+++ EXERCISE DATA
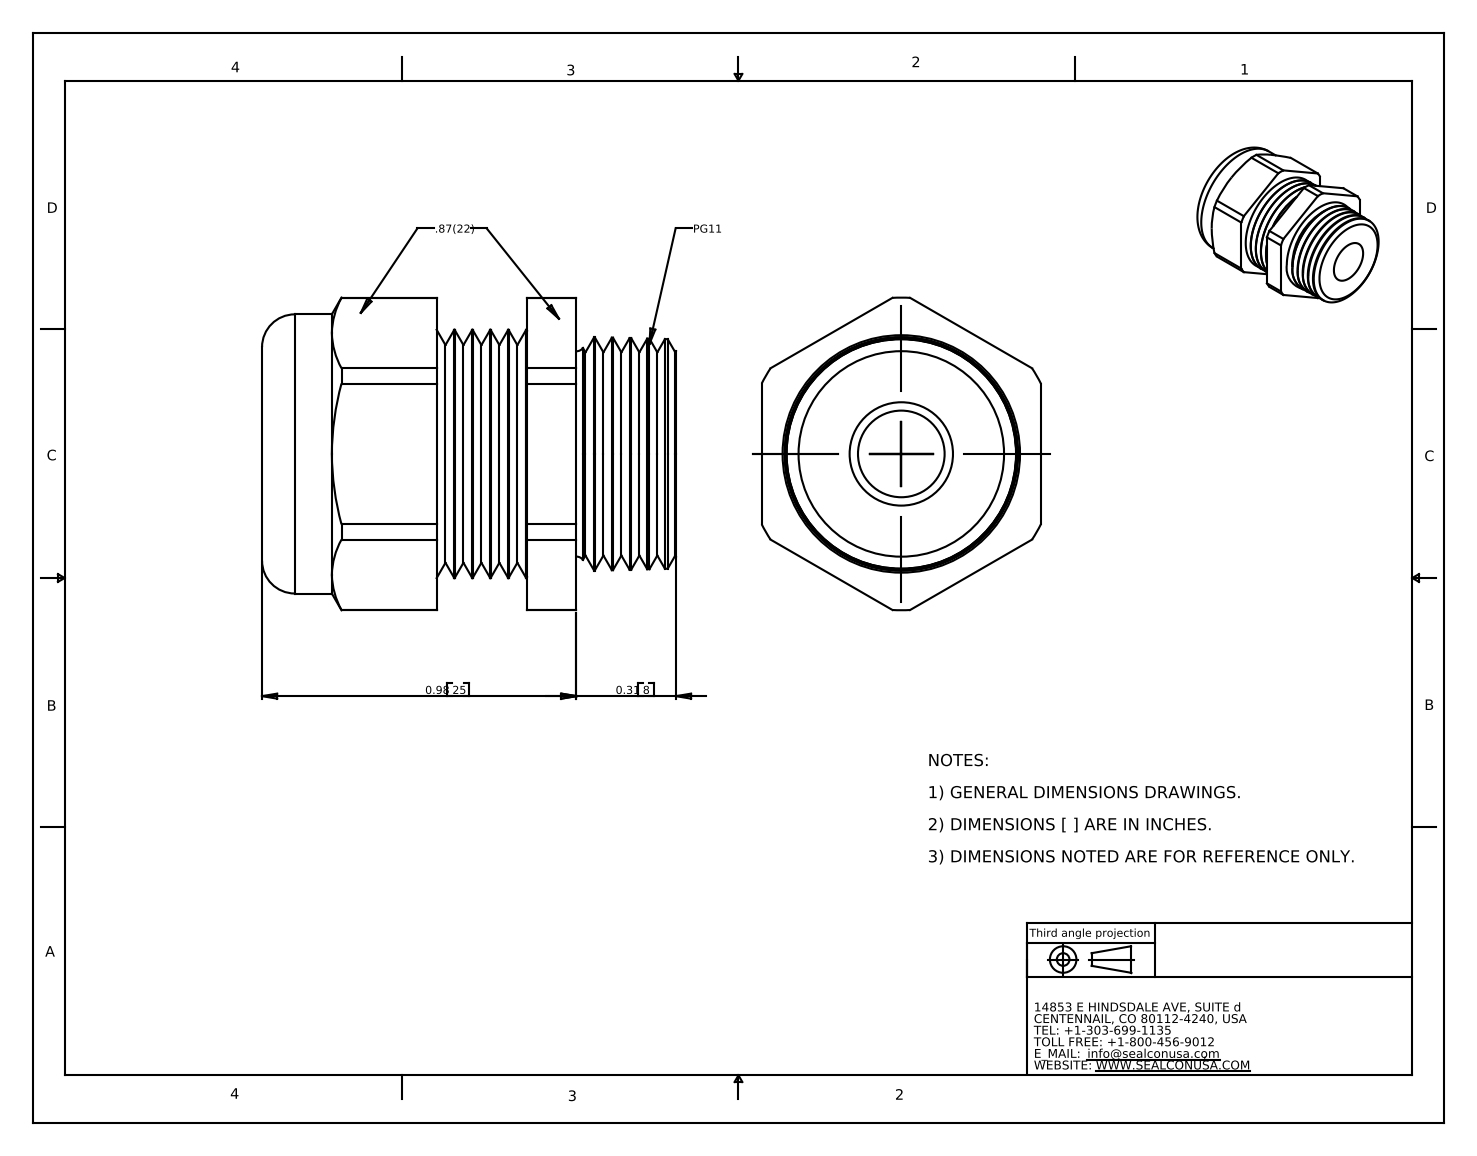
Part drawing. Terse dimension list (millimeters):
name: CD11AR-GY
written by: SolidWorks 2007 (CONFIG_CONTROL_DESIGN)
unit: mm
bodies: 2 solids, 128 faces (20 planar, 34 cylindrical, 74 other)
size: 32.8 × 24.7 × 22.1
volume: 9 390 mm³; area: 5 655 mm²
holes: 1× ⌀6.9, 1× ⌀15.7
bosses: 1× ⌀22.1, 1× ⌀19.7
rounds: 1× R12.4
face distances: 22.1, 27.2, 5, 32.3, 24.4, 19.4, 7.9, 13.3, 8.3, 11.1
++++++
▶ **THE TASK**:
Once the pictures are set aside, output all of the data above verbatim.

▶ **WRITTEN SOLUTION**:
Part drawing. Terse dimension list (millimeters):
name: CD11AR-GY
written by: SolidWorks 2007 (CONFIG_CONTROL_DESIGN)
unit: mm
bodies: 2 solids, 128 faces (20 planar, 34 cylindrical, 74 other)
size: 32.8 × 24.7 × 22.1
volume: 9 390 mm³; area: 5 655 mm²
holes: 1× ⌀6.9, 1× ⌀15.7
bosses: 1× ⌀22.1, 1× ⌀19.7
rounds: 1× R12.4
face distances: 22.1, 27.2, 5, 32.3, 24.4, 19.4, 7.9, 13.3, 8.3, 11.1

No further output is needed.